俺より背の高い選手が、高見先輩よりがたいの良い選手が、何人もいるこの中で。頭の中で、ぐるぐるといろんなことを考えるうちに気分が悪くなり、宿までの移動の間は本当に寝てしまった。おかげでその日の夜はなかなか寝付けず、深夜に部屋を抜け出した。

「あれ、葉月?」

「、高見先輩…」

「何、緊張して寝れねぇの」

「…すみません」

部屋を出た通路の突き当たり、自販機と安っぽいソファーが置かれたスペースは、大きな窓があって月がよく見えた。

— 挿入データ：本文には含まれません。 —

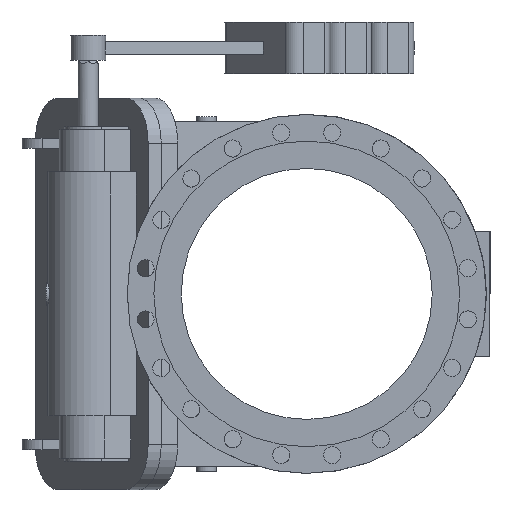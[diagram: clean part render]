
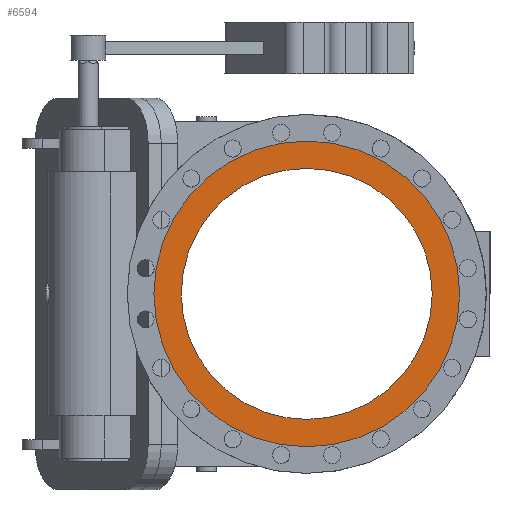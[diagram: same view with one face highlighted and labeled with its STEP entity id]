
A CAD part, left-side view. The second image highlights one B-rep face of the part: STEP entity #6594.
In plain terms, the highlighted planar face has unit normal (-1, 0, 0).
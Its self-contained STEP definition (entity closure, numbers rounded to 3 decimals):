
#5445 = FACE_OUTER_BOUND ( 'NONE', #27936, .T. ) ;
#5448 = FACE_BOUND ( 'NONE', #27938, .T. ) ;
#5596 = CARTESIAN_POINT ( 'NONE',  ( -1100., 0., 304.5 ) ) ;
#5671 = CARTESIAN_POINT ( 'NONE',  ( -1100., 0., 250. ) ) ;
#5760 = ORIENTED_EDGE ( 'NONE', *, *, #26117, .T. ) ;
#5792 = ORIENTED_EDGE ( 'NONE', *, *, #26475, .F. ) ;
#6594 = ADVANCED_FACE ( 'NONE', ( #5445, #5448 ), #11459, .F. ) ;
#11459 = PLANE ( 'NONE',  #26343 ) ;
#11460 = CARTESIAN_POINT ( 'NONE',  ( -1100., 0., 0. ) ) ;
#11465 = DIRECTION ( 'NONE',  ( 1., 0., 0. ) ) ;
#11466 = DIRECTION ( 'NONE',  ( 0., 0., -1. ) ) ;
#16051 = CARTESIAN_POINT ( 'NONE',  ( -1100., 0., 0. ) ) ;
#16052 = DIRECTION ( 'NONE',  ( -1., 0., 0. ) ) ;
#16054 = DIRECTION ( 'NONE',  ( 0., 0., 1. ) ) ;
#16581 = CIRCLE ( 'NONE', #23095, 304.5 ) ;
#16949 = CIRCLE ( 'NONE', #23195, 250. ) ;
#17010 = VERTEX_POINT ( 'NONE', #5596 ) ;
#17085 = VERTEX_POINT ( 'NONE', #5671 ) ;
#18157 = CARTESIAN_POINT ( 'NONE',  ( -1100., 0., 0. ) ) ;
#18158 = DIRECTION ( 'NONE',  ( -1., 0., 0. ) ) ;
#18159 = DIRECTION ( 'NONE',  ( 0., 0., 1. ) ) ;
#23095 = AXIS2_PLACEMENT_3D ( 'NONE', #16051, #16052, #16054 ) ;
#23195 = AXIS2_PLACEMENT_3D ( 'NONE', #18157, #18158, #18159 ) ;
#26117 = EDGE_CURVE ( 'NONE', #17010, #17010, #16581, .T. ) ;
#26343 = AXIS2_PLACEMENT_3D ( 'NONE', #11460, #11465, #11466 ) ;
#26475 = EDGE_CURVE ( 'NONE', #17085, #17085, #16949, .T. ) ;
#27936 = EDGE_LOOP ( 'NONE', ( #5760 ) ) ;
#27938 = EDGE_LOOP ( 'NONE', ( #5792 ) ) ;
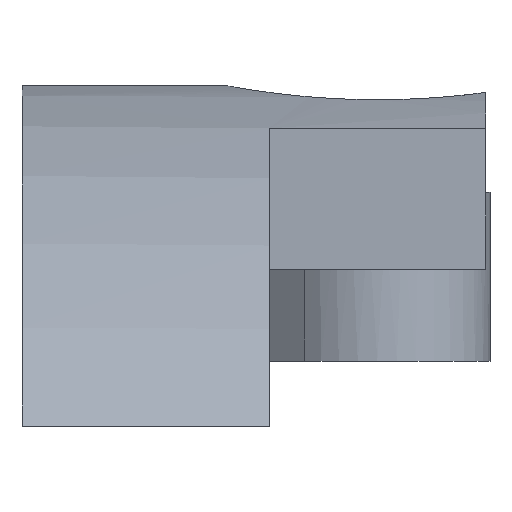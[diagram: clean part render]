
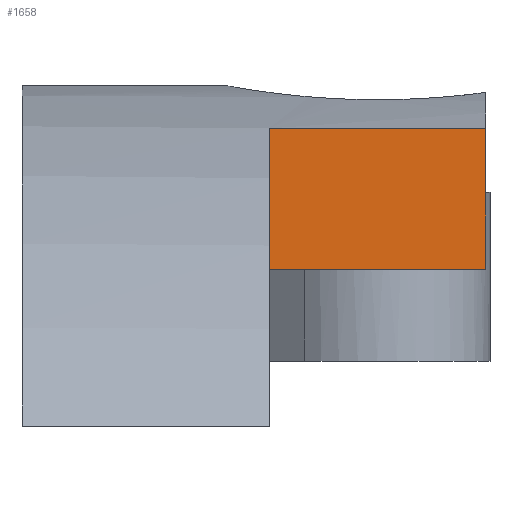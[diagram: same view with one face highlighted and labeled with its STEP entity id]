
A CAD part, front view. The second image highlights one B-rep face of the part: STEP entity #1658.
In plain terms, the highlighted planar face has unit normal (0, -1, 0).
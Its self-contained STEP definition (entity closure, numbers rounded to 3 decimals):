
#33 = CYLINDRICAL_SURFACE('',#34,18.85);
#34 = AXIS2_PLACEMENT_3D('',#35,#36,#37);
#35 = CARTESIAN_POINT('',(90.3,0.,0.));
#36 = DIRECTION('',(1.,0.,0.));
#37 = DIRECTION('',(-0.,0.,1.));
#84 = VERTEX_POINT('',#85);
#85 = CARTESIAN_POINT('',(96.,-6.,17.87));
#99 = PLANE('',#100);
#100 = AXIS2_PLACEMENT_3D('',#101,#102,#103);
#101 = CARTESIAN_POINT('',(96.,0.,0.));
#102 = DIRECTION('',(1.,0.,0.));
#103 = DIRECTION('',(-0.,0.,1.));
#111 = EDGE_CURVE('',#84,#112,#114,.T.);
#112 = VERTEX_POINT('',#113);
#113 = CARTESIAN_POINT('',(101.,-6.,17.87));
#114 = SURFACE_CURVE('',#115,(#119,#125),.PCURVE_S1.);
#115 = LINE('',#116,#117);
#116 = CARTESIAN_POINT('',(96.,-6.,17.87));
#117 = VECTOR('',#118,1.);
#118 = DIRECTION('',(1.,0.,0.));
#119 = PCURVE('',#33,#120);
#120 = DEFINITIONAL_REPRESENTATION('',(#121),#124);
#121 = B_SPLINE_CURVE_WITH_KNOTS('',1,(#122,#123),.UNSPECIFIED.,.F.,.F.,
  (2,2),(0.,5.),.PIECEWISE_BEZIER_KNOTS.);
#122 = CARTESIAN_POINT('',(6.607,5.7));
#123 = CARTESIAN_POINT('',(6.607,10.7));
#124 = ( GEOMETRIC_REPRESENTATION_CONTEXT(2) 
PARAMETRIC_REPRESENTATION_CONTEXT() REPRESENTATION_CONTEXT('2D SPACE',''
  ) );
#125 = PCURVE('',#126,#131);
#126 = PLANE('',#127);
#127 = AXIS2_PLACEMENT_3D('',#128,#129,#130);
#128 = CARTESIAN_POINT('',(96.,-6.,0.));
#129 = DIRECTION('',(-0.,1.,0.));
#130 = DIRECTION('',(0.,0.,1.));
#131 = DEFINITIONAL_REPRESENTATION('',(#132),#135);
#132 = B_SPLINE_CURVE_WITH_KNOTS('',1,(#133,#134),.UNSPECIFIED.,.F.,.F.,
  (2,2),(0.,5.),.PIECEWISE_BEZIER_KNOTS.);
#133 = CARTESIAN_POINT('',(17.87,0.));
#134 = CARTESIAN_POINT('',(17.87,5.));
#135 = ( GEOMETRIC_REPRESENTATION_CONTEXT(2) 
PARAMETRIC_REPRESENTATION_CONTEXT() REPRESENTATION_CONTEXT('2D SPACE',''
  ) );
#153 = PLANE('',#154);
#154 = AXIS2_PLACEMENT_3D('',#155,#156,#157);
#155 = CARTESIAN_POINT('',(101.,0.,0.));
#156 = DIRECTION('',(1.,0.,0.));
#157 = DIRECTION('',(-0.,0.,1.));
#600 = CYLINDRICAL_SURFACE('',#601,15.8);
#601 = AXIS2_PLACEMENT_3D('',#602,#603,#604);
#602 = CARTESIAN_POINT('',(89.3,0.,0.));
#603 = DIRECTION('',(1.,0.,0.));
#604 = DIRECTION('',(-0.,0.,1.));
#682 = VERTEX_POINT('',#683);
#683 = CARTESIAN_POINT('',(96.,-6.,14.616));
#704 = EDGE_CURVE('',#682,#705,#707,.T.);
#705 = VERTEX_POINT('',#706);
#706 = CARTESIAN_POINT('',(101.,-6.,14.616));
#707 = SURFACE_CURVE('',#708,(#712,#718),.PCURVE_S1.);
#708 = LINE('',#709,#710);
#709 = CARTESIAN_POINT('',(95.,-6.,14.616));
#710 = VECTOR('',#711,1.);
#711 = DIRECTION('',(1.,0.,0.));
#712 = PCURVE('',#600,#713);
#713 = DEFINITIONAL_REPRESENTATION('',(#714),#717);
#714 = B_SPLINE_CURVE_WITH_KNOTS('',1,(#715,#716),.UNSPECIFIED.,.F.,.F.,
  (2,2),(1.,6.),.PIECEWISE_BEZIER_KNOTS.);
#715 = CARTESIAN_POINT('',(6.673,6.7));
#716 = CARTESIAN_POINT('',(6.673,11.7));
#717 = ( GEOMETRIC_REPRESENTATION_CONTEXT(2) 
PARAMETRIC_REPRESENTATION_CONTEXT() REPRESENTATION_CONTEXT('2D SPACE',''
  ) );
#718 = PCURVE('',#126,#719);
#719 = DEFINITIONAL_REPRESENTATION('',(#720),#723);
#720 = B_SPLINE_CURVE_WITH_KNOTS('',1,(#721,#722),.UNSPECIFIED.,.F.,.F.,
  (2,2),(1.,6.),.PIECEWISE_BEZIER_KNOTS.);
#721 = CARTESIAN_POINT('',(14.616,0.));
#722 = CARTESIAN_POINT('',(14.616,5.));
#723 = ( GEOMETRIC_REPRESENTATION_CONTEXT(2) 
PARAMETRIC_REPRESENTATION_CONTEXT() REPRESENTATION_CONTEXT('2D SPACE',''
  ) );
#1634 = EDGE_CURVE('',#705,#112,#1635,.T.);
#1635 = SURFACE_CURVE('',#1636,(#1640,#1647),.PCURVE_S1.);
#1636 = LINE('',#1637,#1638);
#1637 = CARTESIAN_POINT('',(101.,-6.,0.));
#1638 = VECTOR('',#1639,1.);
#1639 = DIRECTION('',(0.,0.,1.));
#1640 = PCURVE('',#153,#1641);
#1641 = DEFINITIONAL_REPRESENTATION('',(#1642),#1646);
#1642 = LINE('',#1643,#1644);
#1643 = CARTESIAN_POINT('',(0.,6.));
#1644 = VECTOR('',#1645,1.);
#1645 = DIRECTION('',(1.,0.));
#1646 = ( GEOMETRIC_REPRESENTATION_CONTEXT(2) 
PARAMETRIC_REPRESENTATION_CONTEXT() REPRESENTATION_CONTEXT('2D SPACE',''
  ) );
#1647 = PCURVE('',#126,#1648);
#1648 = DEFINITIONAL_REPRESENTATION('',(#1649),#1653);
#1649 = LINE('',#1650,#1651);
#1650 = CARTESIAN_POINT('',(0.,5.));
#1651 = VECTOR('',#1652,1.);
#1652 = DIRECTION('',(1.,0.));
#1653 = ( GEOMETRIC_REPRESENTATION_CONTEXT(2) 
PARAMETRIC_REPRESENTATION_CONTEXT() REPRESENTATION_CONTEXT('2D SPACE',''
  ) );
#1658 = ADVANCED_FACE('',(#1659),#126,.F.);
#1659 = FACE_BOUND('',#1660,.F.);
#1660 = EDGE_LOOP('',(#1661,#1662,#1663,#1684));
#1661 = ORIENTED_EDGE('',*,*,#1634,.F.);
#1662 = ORIENTED_EDGE('',*,*,#704,.F.);
#1663 = ORIENTED_EDGE('',*,*,#1664,.T.);
#1664 = EDGE_CURVE('',#682,#84,#1665,.T.);
#1665 = SURFACE_CURVE('',#1666,(#1670,#1677),.PCURVE_S1.);
#1666 = LINE('',#1667,#1668);
#1667 = CARTESIAN_POINT('',(96.,-6.,0.));
#1668 = VECTOR('',#1669,1.);
#1669 = DIRECTION('',(0.,0.,1.));
#1670 = PCURVE('',#126,#1671);
#1671 = DEFINITIONAL_REPRESENTATION('',(#1672),#1676);
#1672 = LINE('',#1673,#1674);
#1673 = CARTESIAN_POINT('',(0.,0.));
#1674 = VECTOR('',#1675,1.);
#1675 = DIRECTION('',(1.,0.));
#1676 = ( GEOMETRIC_REPRESENTATION_CONTEXT(2) 
PARAMETRIC_REPRESENTATION_CONTEXT() REPRESENTATION_CONTEXT('2D SPACE',''
  ) );
#1677 = PCURVE('',#99,#1678);
#1678 = DEFINITIONAL_REPRESENTATION('',(#1679),#1683);
#1679 = LINE('',#1680,#1681);
#1680 = CARTESIAN_POINT('',(0.,6.));
#1681 = VECTOR('',#1682,1.);
#1682 = DIRECTION('',(1.,0.));
#1683 = ( GEOMETRIC_REPRESENTATION_CONTEXT(2) 
PARAMETRIC_REPRESENTATION_CONTEXT() REPRESENTATION_CONTEXT('2D SPACE',''
  ) );
#1684 = ORIENTED_EDGE('',*,*,#111,.T.);

部屋を抜け出したというほどの緊張感はなく、本当に寝付けなくて気分転換に出ただけだ。余計に寝れない気がするなと、腰をあげたところで高見先輩に見つかってしまった。

「まあ、去年はあっさり負けたからな」

「俺、インターハイ出場ってだけですごいと思ってました。もちろん今でも思いますけど、なんか…当たり前みたいな反応されるじゃないですか」

「うちはなあ…強い選手集めて環境も整ってるし。県の代表、ってレッテルのおかげで声をかけなくても来てくれる奴も多いから」

「それでも去年は一つしか勝てなかった。俺が入部してからそこまで、公式戦でも練習試合でも負けたことがなかったから、すごい焦ったんですよ。勝つのが当たり前じゃないのに」

「負けるってことは財産だよ。あの日の敗因を考えて、何がいけなかったか、次はどうしたら良いか、うちには何が足りないか、監督もコーチも顧問もいる、じゃあ次負けないために自分がするべきことは何だって、少なくともそうやって自分を省みるためには負けなきゃいけない。意味があったんだよ、去年、負けたことにも。それが力不足なら今度はそれを理由に負けて、悔しい思いをしないために」

「……」

「なんて、あの日で引退した先輩の前では絶対言えねぇけど」

高見純輝といえば小学生の頃からの有名人だった。中学も強豪校、高校は地元を離れてうちにきた。この人は、ずっと強い。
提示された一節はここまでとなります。